Mikroskopiden önce, çok kanallı bir pipet kullanarak fazla sıvıyı manuel olarak çıkarın. Canlı hücreleri görselleştirmek için yeşil floresan için FITC filtreli bir floresan mikroskobu ve ölü hücreleri görselleştirmek için kırmızı floresan için bir TRITC filtresi kullanarak görüntüleri yakalayın. Bu boyama için paralel numune plakalarından birini kullanın ve planktonik çözeltiyi kuyucuklardan çıkarın ve çok kanallı bir pipet kullanarak kuyucukları bir kez steril PBS ile yıkayın.

Daha sonra, kuyucuk başına 200 mikrolitre boyama solüsyonu ekleyin ve karanlıkta 15 dakika inkübe edin. Son olarak, floresansı bir plaka okuyucu ile ölçün. Tedavi edilmemiş biyofilm kontrolünün yüzdesi olarak platformun performansını göstermek için iki gösterim yapıldı.
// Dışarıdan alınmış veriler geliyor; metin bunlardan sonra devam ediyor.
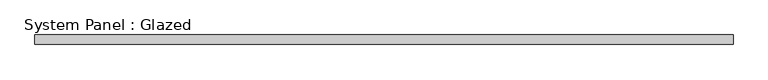
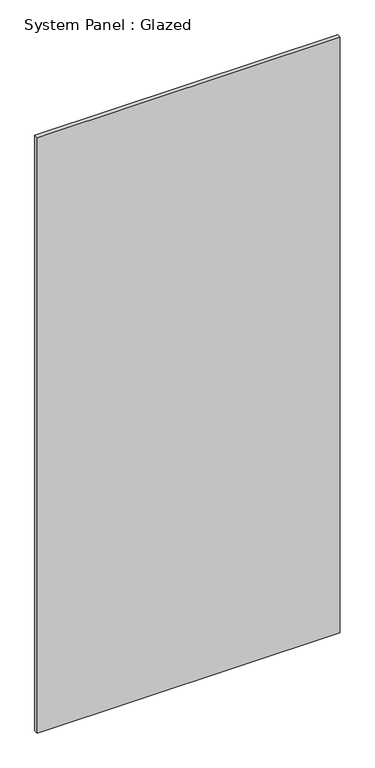
"""IFC4 building model written with IfcOpenShell, lengths in millimetres: plate geometry, System Panel : Glazed."""

from ifc_helpers import new_model, si_unit, origin, origin_with_axes, place, context, project, spatial, polyline, outline, extrude, source, transform, mapped, element, save


def system_panel_glazed_0b61e5af(model_context):
    return source(origin(), model_context, "Body", "SweptSolid", [
        extrude(outline(polyline([(915.0000002, 24.5), (-915.0000002, 24.5), (-915.0000002, 49.5), (915.0000002, 49.5), (915.0000002, 24.5)])), origin_with_axes(), (0.0, 0.0, 1.0), 3800.0),
    ])


if __name__ == "__main__":
    model = new_model("IFC4")
    model_context = context("Model", 3, world=origin())
    ifc_project = project(units=[si_unit("LENGTHUNIT", "METRE", prefix="MILLI")], contexts=[model_context])
    site = spatial("IfcSite", under=ifc_project)
    building = spatial("IfcBuilding", under=site)
    placement = place(None, origin())
    system_panel_glazed_shape = system_panel_glazed_0b61e5af(model_context)
    element("IfcPlate", 1, ObjectType="System Panel : Glazed", at=placement, inside=building, context=model_context, shape_type="MappedRepresentation", body=[
        mapped(system_panel_glazed_shape, transform((0.0, 0.0, 0.0), x_axis=(1.0, 0.0, 0.0), y_axis=(0.0, 1.0, 0.0), z_axis=(0.0, 0.0, 1.0))),
    ])
    save(model, "model.ifc")

# Revit data of these elements
# Type "System Panel : Glazed"
#   Construction Type Id = "GSP4R"
#   Analytic Construction = "1/8 in Pilkington single glazing"
#   Visual Light Transmittance = 0.9
#   Solar Heat Gain Coefficient = 0.86
#   Heat Transfer Coefficient (U) = 6.7069 W/(m²·K)
#   Define Thermal Properties by = 1
# Element 1 (IfcPlate, "System Panel : Glazed")
#   Materials on its faces: "Glass"
# Materials
#   "Glass": class "Glass", colour RGB 0 128 192, transparency 0.9, Description = "Soda Lime Glass", Cost = 0

Bir cinchona alkaloid türev kütüphanesinin taranması, bir aktif bileşik tanımladı. Abietan tipi diterpenoidler ve türevlerinden oluşan bir kütüphanenin taranması, beş aktif bileşik tanımladı. Penisilin G ve Siprofloksasin, biyofilm oluşumundan önce canlılığı, biyokütleyi ve biyofilm matrisi PNAG içeriğini önemli ölçüde azaltır.

Ancak, maruziyet sonrası kullanıldığında durum böyle değildi. En belirgin sonuç, önceden oluşturulmuş biyofilmler yüksek konsantrasyonlarda Penisilin G ile muamele edildiğinde biyofilm matrisinin% 200'ün üzerine çıkmasıydı. İşlenmemiş biyofilm kuyuları için yeşil-kırmızı floresan oranlarının ortalaması, canlı hücrelerin baskınlığını gösterir.

Penisilin ile muamele edilen kuyularda ise yaklaşık %56 oranında canlı hücre bulunur. Penisilin tedavisinden sonra hayatta kalan hücreler, tedavi edilmemiş biyofilmlerle karşılaştırıldığında önemli ölçüde daha yüksek miktarda hücre dışı polimerik madde veya EPS üretti. Bu prosedürü denerken, kuyucuklar arasında bakteri ve leke kontaminasyonunu önlemek için pipetin manuel kullanımına dikkat etmeyi unutmamak önemlidir.

Bu platformu takiben, Staphylococcus aureus'a karşı etkili antibiyofilm bileşikleri hızlı bir şekilde tanımlanabilir ve karakterize edilebilir. Diğer bakteri türleri kullanılırsa, boyama protokollerinin başka bir optimizasyonuna ihtiyaç duyulacaktır, ancak platformun mantığı aynı kalacaktır.